**THE PROBLEM:**
Only lines holding "Transmission" are wanted; copy each of them from the records below.

┌─ AVAILABLE RECORDS

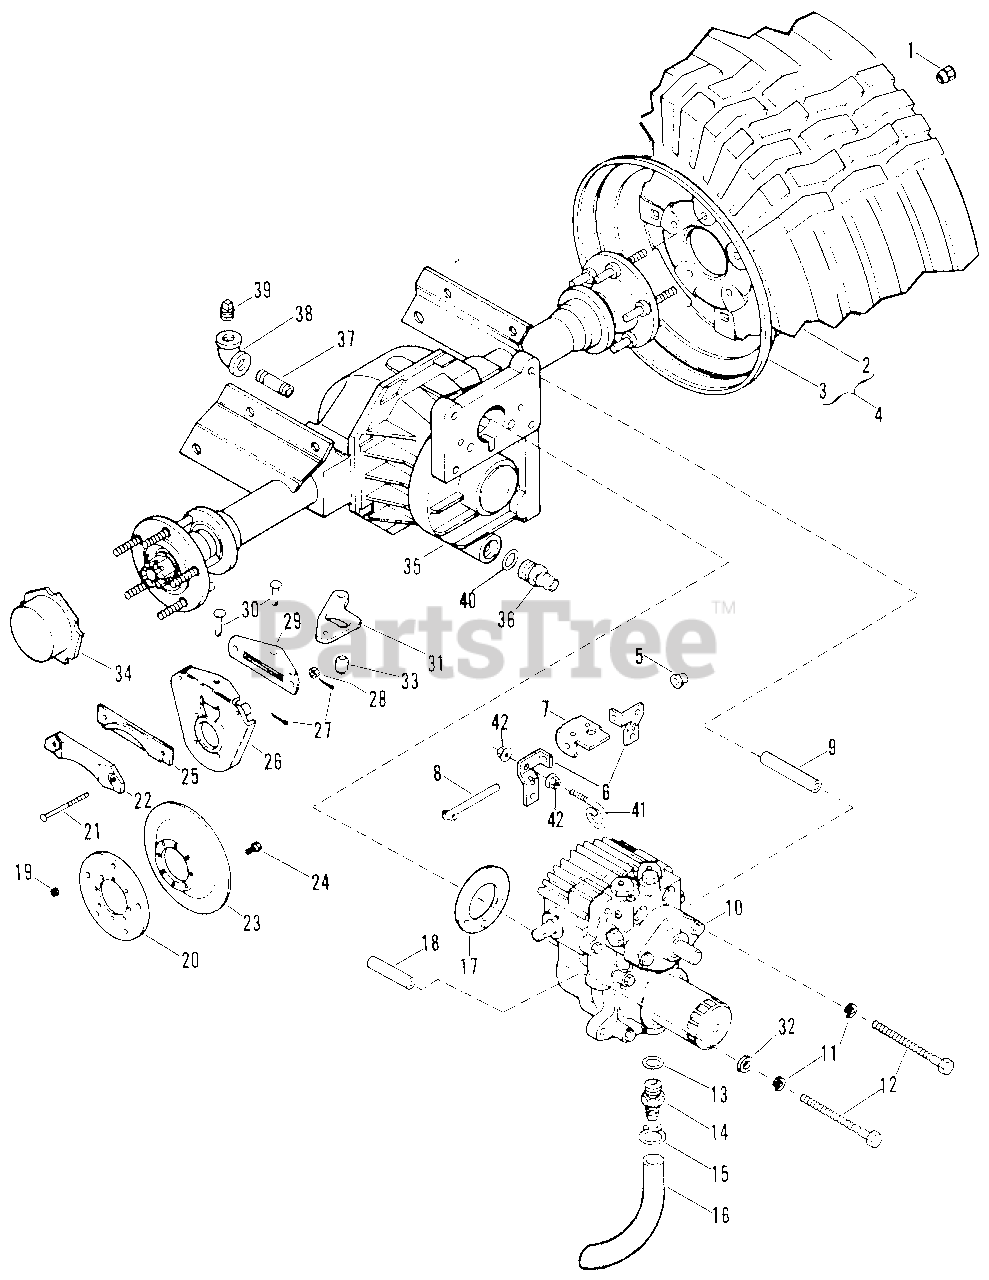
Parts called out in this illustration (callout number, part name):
1	Nut, Lug 7/16-20
2	Tire
3	Rim
4	Assembly, Rear Tire 10.50 x 23
5	Nut
6	Support
7	Cam
8	Pivot Rod
9	Spacer
10	Transmission Assembly
11	Washer, Lock 3/8 Reg.
12	Screw, Cap 3/8-16 x 5"
13	O-Ring, 3/4 Nom. I.D.
14	Connector
15	Clamp, Hose
16	Hose
17	Gasket
18	Spacer
19	Grommet
20	Carrier
21	Bolt, 3/8-16 x 3.50 Rd Hd Sq Nk
22	Caliper Plate
23	Disc
24	Screw, Taptite 1/4-20 x 3.75
25	Friction Plate
26	Caliper Mounting Plate
27	Pin, Cotter .09 x .75
28	Nut, Lock 3/8-16
29	Pressure Plate
30	Pin
31	Brake Arm
32	Washer, Flat .38 x .75 x .125
33	Roller
34	Rear Hub Cap
35	Rear Axle and Supports
36	Connector
37	Pipe Nipple 1/2 x 2
38	Elbow 1/2 x 90
39	Pipe Plug
40	O-Ring, .924 Nom. I.D.
41	Support, Cable
42	Nut, Flange Whiz-Lock 1/4-20
NS	Transmission Decal

└─

**SOLUTION TO THE EXERCISE:**
10	Transmission Assembly
NS	Transmission Decal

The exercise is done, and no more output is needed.